Work item
Only one stretch of the data below is wanted: the lines from the one with "N$15: C22.P$2 L20.2(A1) L21.2(A1)" through the one with "N$21: C32.P$2 C33.P$2 C34.P$1 C35.P$1 XT4.P$1", repeated exactly.
^^^^^^^^
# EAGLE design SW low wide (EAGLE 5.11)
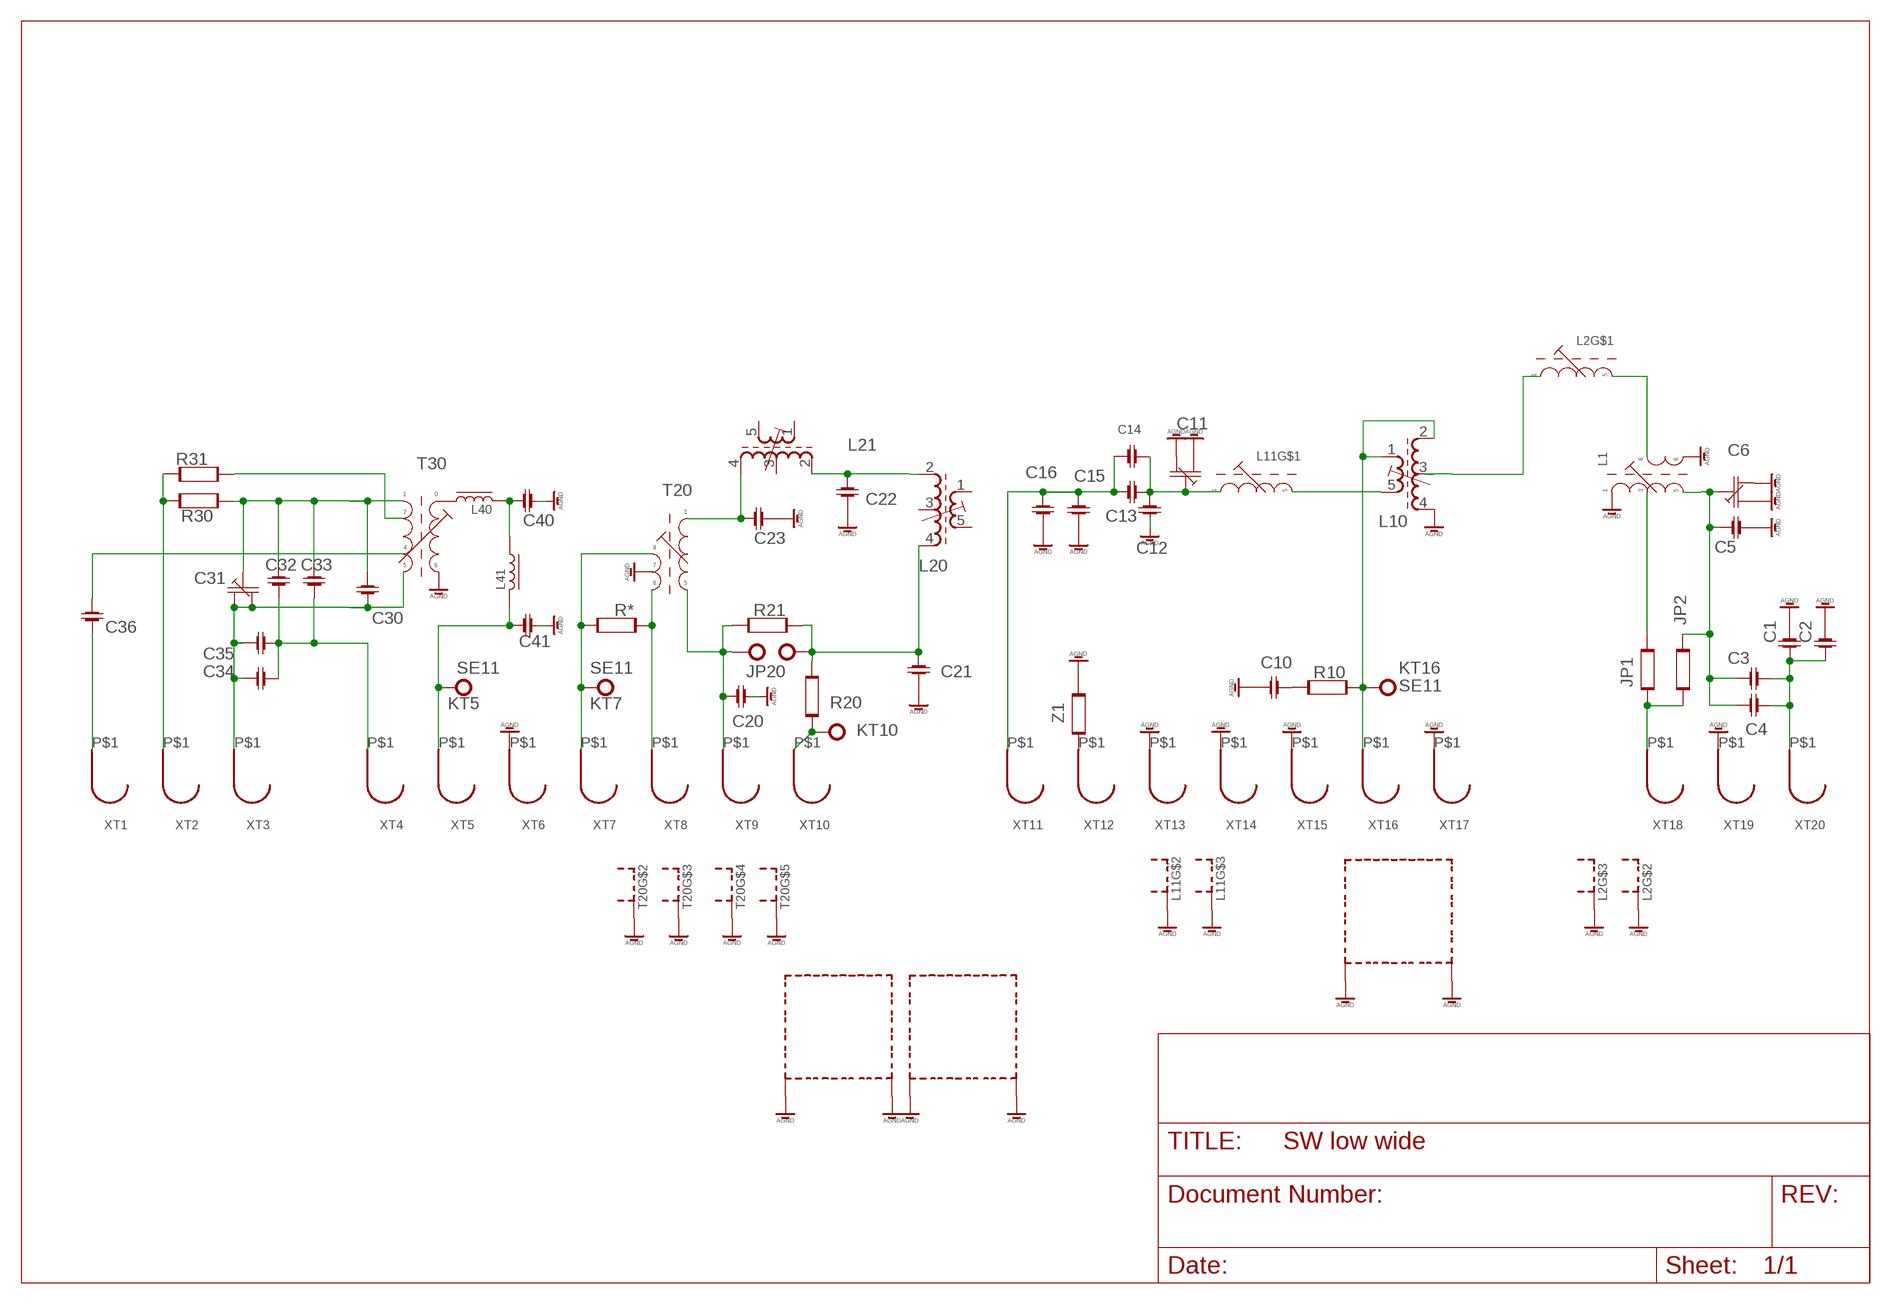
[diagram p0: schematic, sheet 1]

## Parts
C1  C-1206-0805  [RC-SMD-UNIV]
C2  C-1206-0805  [RC-SMD-UNIV]
C3  C-1206-0805  [RC-SMD-UNIV]
C4  C-1206-0805  [RC-SMD-UNIV]
C5  C-1206-0805  [RC-SMD-UNIV]
C6  C-TRIM-AM  [C-TRIM-ORIG]
C10  C-1206-0805  [RC-SMD-UNIV]
C11  C-TRIM-AM  [C-TRIM-ORIG]
C12  C-1206-0805  [RC-SMD-UNIV]
C13  C-1206-0805  [RC-SMD-UNIV]
C14  C-1206-0805  [RC-SMD-UNIV]
C15  C-1206-0805  [RC-SMD-UNIV]
C16  C-1206-0805  [RC-SMD-UNIV]
C20  C-1206-0805  [RC-SMD-UNIV]
C21  C-1206-0805  [RC-SMD-UNIV]
C22  C-1206-0805  [RC-SMD-UNIV]
C23  C-1206-0805  [RC-SMD-UNIV]
C30  C-1206-0805  [RC-SMD-UNIV]
C31  C-TRIM-AM  [C-TRIM-ORIG]
C32  C-1206-0805  [RC-SMD-UNIV]
C33  C-1206-0805  [RC-SMD-UNIV]
C34  C-1206-0805  [RC-SMD-UNIV]
C35  C-1206-0805  [RC-SMD-UNIV]
C36  C-1206-0805  [RC-SMD-UNIV]
C40  C-1206-0805  [RC-SMD-UNIV]
C41  C-1206-0805  [RC-SMD-UNIV]
JP1  R-1206-0805  [RC-SMD-UNIV]
JP2  R-1206-0805  [RC-SMD-UNIV]
JP20  SE11  [SE11]
KT1  SE11  [SE11]
KT5  SE11  [SE11]
KT7  SE11  [SE11]
KT10  SE11  [SE11]
KT16  SE11  [SE11]
L1  L-MOD-SW-IN-OPEN  [L-KW-LARGE]
L2  L-MOD-SW-GAP  [L-7-MM]
L10  71-5-24153  [71-5]
L11  L-MOD-SW-GAP  [L-7-MM]
L20  71-5-24153  [71-5]
L21  71-5-24153  [71-5]
L40  L-US0207/10  [0207/10]
L41  L-US0207/10  [0207/10]
R10  R-1206-0805  [RC-SMD-UNIV]
R20  R-1206-0805  [RC-SMD-UNIV]
R21  R-1206-0805  [RC-SMD-UNIV]
R30  R-1206-0805  [RC-SMD-UNIV]
R31  R-1206-0805  [RC-SMD-UNIV]
R*  R-1206-0805  [RC-SMD-UNIV]
T20  209-N-T90  [L-10-7-MM]
T30  L-MOD-OSC-SW  [L-KW-LARGE]
XT1  CONTACT-RF  [CONTACT-RF]
XT2  CONTACT-RF  [CONTACT-RF]
XT3  CONTACT-RF  [CONTACT-RF]
XT4  CONTACT-RF  [CONTACT-RF]
XT5  CONTACT-RF  [CONTACT-RF]
XT6  CONTACT-RF  [CONTACT-RF]
XT7  CONTACT-RF  [CONTACT-RF]
XT8  CONTACT-RF  [CONTACT-RF]
XT9  CONTACT-RF  [CONTACT-RF]
XT10  CONTACT-RF  [CONTACT-RF]
XT11  CONTACT-RF  [CONTACT-RF]
XT12  CONTACT-RF  [CONTACT-RF]
XT13  CONTACT-RF  [CONTACT-RF]
XT14  CONTACT-RF  [CONTACT-RF]
XT15  CONTACT-RF  [CONTACT-RF]
XT16  CONTACT-RF  [CONTACT-RF]
XT17  CONTACT-RF  [CONTACT-RF]
XT18  CONTACT-RF  [CONTACT-RF]
XT19  CONTACT-RF  [CONTACT-RF]
XT20  CONTACT-RF  [CONTACT-RF]
Z1  R-1206-0805  [RC-SMD-UNIV]

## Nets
AGND: C1.P$2 C2.P$2 C5.P$1 C6.P$6 C6.P$7 C10.P$2 C11.P$6 C11.P$7 C12.P$2 C15.P$1 C16.P$2 C20.P$2 C21.P$1 C22.P$1 C23.P$1 C40.P$1 C41.P$2 L1.P$2 L1.P$3 L2.P$6(S) L2.P$7(S) L10.4(E1) L10.S1 L10.S2 L11.P$6(S) L11.P$7(S) L20.S1 L20.S2 L21.S1 L21.S2 T20.2 T20.11(S) T20.12(S) T20.13(S) T20.14(S) T30.P$2 XT6.P$1 XT13.P$1 XT14.P$1 XT15.P$1 XT17.P$1 XT19.P$1 Z1.P$2
KT1: KT16.MP L10.1(A2) L10.2(A1) R10.P$2 XT16.P$1
N$1: C1.P$1 C2.P$1 C3.P$2 C4.P$2 XT20.P$1
N$2: JP1.P$2 JP2.P$2 XT18.P$1
N$3: C20.P$1 KT1.MP R21.P$1 T20.4 XT9.P$1
N$4: JP1.P$1 L1.P$5
N$5: R*.P$2 T20.3 XT8.P$1
N$7: C11.P$5 C12.P$1 C13.P$1 C14.P$2 L11.1
N$8: L1.P$6 L2.3
N$9: C21.P$2 JP20.MP L20.4(E1) R20.P$1 R21.P$2
N$10: XT12.P$1 Z1.P$1
N$11: KT10.MP R20.P$2 XT10.P$1
N$12: C13.P$2 C14.P$1 C15.P$2 C16.P$1 XT11.P$1
N$13: KT7.MP R*.P$1 T20.1 XT7.P$1
N$14: C23.P$2 L21.4(E1) T20.5
N$15: C22.P$2 L20.2(A1) L21.2(A1)
N$16: R30.P$2 R31.P$1 XT2.P$1
N$18: L40.1 T30.P$3
N$19: C3.P$1 C4.P$1 C5.P$2 C6.P$5 JP2.P$1 L1.P$1
N$20: C30.P$2 C31.P$6 C31.P$7 C34.P$2 C35.P$2 T30.P$6 XT3.P$1
N$21: C32.P$2 C33.P$2 C34.P$1 C35.P$1 XT4.P$1
N$22: C30.P$1 C31.P$5 C32.P$1 C33.P$1 R30.P$1 T30.P$5
N$23: C41.P$1 KT5.MP L41.2 XT5.P$1
N$24: C36.P$1 T30.P$4
N$25: C40.P$2 L40.2 L41.1
N$26: C36.P$2 XT1.P$1
N$28: R31.P$2 T30.P$1
N$30: C10.P$1 R10.P$1
N$32: L10.5(E2) L11.3
N$33: L2.1 L10.3(Z)
Unconnected: L20.1(A2) L20.3(Z) L20.5(E2) L21.1(A2) L21.3(Z) L21.5(E2)

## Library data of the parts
C1-C5 C10 C12-C16 C20-C23 C30 C32-C36 C40 C41 = OKEAH:C-1206-0805
C6 C11 C31 = OKEAH:C-TRIM-AM
JP1 JP2 R10 R20 R21 R30 R31 R* Z1 = OKEAH:R-1206-0805
JP20 KT1 KT5 KT7 KT10 KT16 = solpad:SE11: SOLDER PAD
L1 = OKEAH:L-MOD-SW-IN-OPEN
L2 L11 = OKEAH:L-MOD-SW-GAP
L10 L20 L21 = L NEOSID:71-5-: TRANSFORMER adjustable filter transformer with tap; OC_FARNELL: unknown; OC_NEWARK: unknown
L40 L41 = rcl:L-US: INDUCTOR, American symbol
T20 = OKEAH:209-N-T90
T30 = OKEAH:L-MOD-OSC-SW
XT1-XT20 = OKEAH:CONTACT-RF

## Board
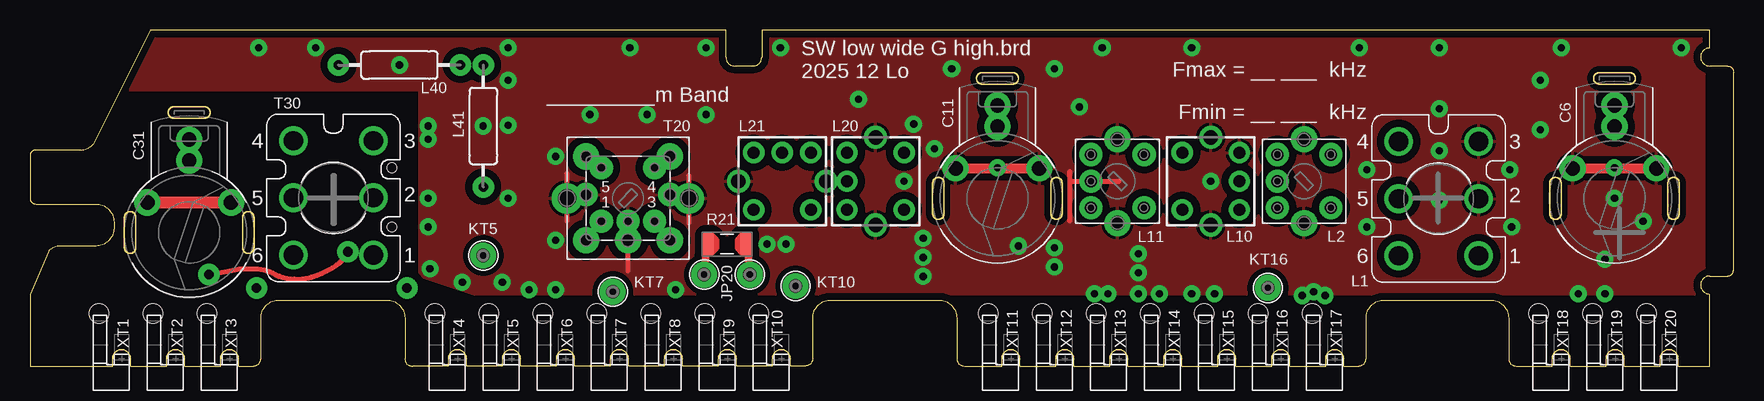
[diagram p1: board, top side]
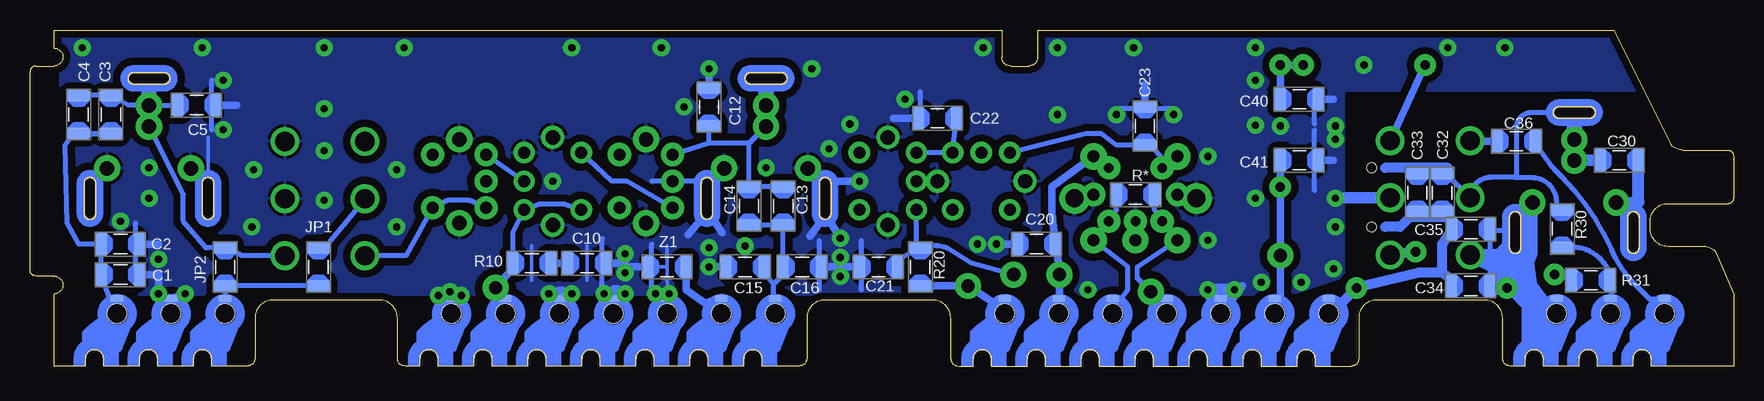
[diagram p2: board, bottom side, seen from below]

Size 142 x 28 mm. Coordinates in mm from the lower left corner, seen from the top.
Outline: 135 segments
Copper layers (1*16): Top 0.035mm / dielectric 1.5mm / Bottom 0.035mm
Design rules "default *": minimum track width 10mil, minimum drill 24mil, track to track 8mil, track to pad 8mil, pad to pad 8mil, via to via 8mil, smd to smd 8mil, copper to edge 8mil, drill to drill 8mil, minimum pad ring 10mil, minimum via ring 8mil, stop-mask expansion 4mil, vias tented up to drill 0mil, thermal gap 10mil
Holes 0.8 mm at 30.16,16.51 30.16,11.59
bRestrict: 3 lines

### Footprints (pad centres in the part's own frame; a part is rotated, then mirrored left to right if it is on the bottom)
RC-SMD-UNIV = smd 0.965 x 1.93: P$1 -1.587,0; P$2 1.587,0
C-TRIM-ORIG = drill 1.2 pad 2.184 round: P$4 7.739,0; P$5 5.992,0; P$6 2.5,3.493; P$7 2.5,-3.493
SE11 = drill 1.1 pad 2.159 round: MP 0,0
L-KW-LARGE = drill 1.6 round: P$1 0,0; P$2 0,4.763; P$3 0,9.525; P$4 -6.668,9.525; P$5 -6.668,4.763; P$6 -6.668,0
L-7-MM = drill 1 pad 1.93 round: 1 -2.223,-2.223; 2 0,-2.223; 3 2.223,-2.223; 4 2.223,2.223; 5 -2.223,2.223 | drill 1.2 pad 2.184 round: P$6 3.493,0; P$7 -3.493,0
71-5 = drill 1 pad 1.778 round: 1 2.381,-2.381; 2 2.381,2.381; 3 0,2.381; 4 -2.381,2.381; 5 -2.381,-2.381 | drill 1.2 pad 1.93 round: S1 -3.651,0; S2 3.651,0
0207/10 = drill 0.8 pad 1.778 round: 1 -5.08,0; 2 5.08,0
L-10-7-MM = drill 0.8 pad 1.93 round: 1 -2.223,-1.905; 2 0,-1.905; 3 2.223,-1.905; 4 2.223,2.54; 5 -2.223,2.54 | drill 1 pad 2.184 round: 6 -3.493,-3.493; 7 0,-3.493; 8 3.493,-3.493; 9 3.493,3.493; 10 -3.493,3.493 | drill 1.5 pad 2.54 round: 11 -5.08,0; 14 5.08,0 | drill 1 pad 1.93 round: 12 -3.493,0.318; 13 3.493,0.318
CONTACT-RF = smd 1.016 x 0.508 bottom: P$1 1,-5.625 | hole 1.6: 1,-4.375

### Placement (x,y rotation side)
C1  134.46,7.62 0 bottom
C2  134.46,10.16 0 bottom
C3  135.25,20.96 270 bottom
C4  137.95,20.96 270 bottom
C5  128.11,21.75 180 bottom
C6  132.08,13.97 90 top
C10  95.57,8.57 0 bottom
C11  80.65,13.97 90 top
C12  85.41,21.59 90 bottom
C13  79.22,13.34 270 bottom
C14  82.07,13.34 90 bottom
C15  82.39,8.26 0 bottom
C16  77.63,8.26 0 bottom
C20  58.1,10.16 180 bottom
C21  71.28,8.26 0 bottom
C22  66.36,20.64 0 bottom
C23  49.05,20 270 bottom
C30  9.53,17.15 0 bottom
C31  13.27,11.13 90 top
C32  24.29,14.45 270 bottom
C33  26.35,14.45 270 bottom
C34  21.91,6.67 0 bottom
^^^^^^^^
Result
N$15: C22.P$2 L20.2(A1) L21.2(A1)
N$16: R30.P$2 R31.P$1 XT2.P$1
N$18: L40.1 T30.P$3
N$19: C3.P$1 C4.P$1 C5.P$2 C6.P$5 JP2.P$1 L1.P$1
N$20: C30.P$2 C31.P$6 C31.P$7 C34.P$2 C35.P$2 T30.P$6 XT3.P$1
N$21: C32.P$2 C33.P$2 C34.P$1 C35.P$1 XT4.P$1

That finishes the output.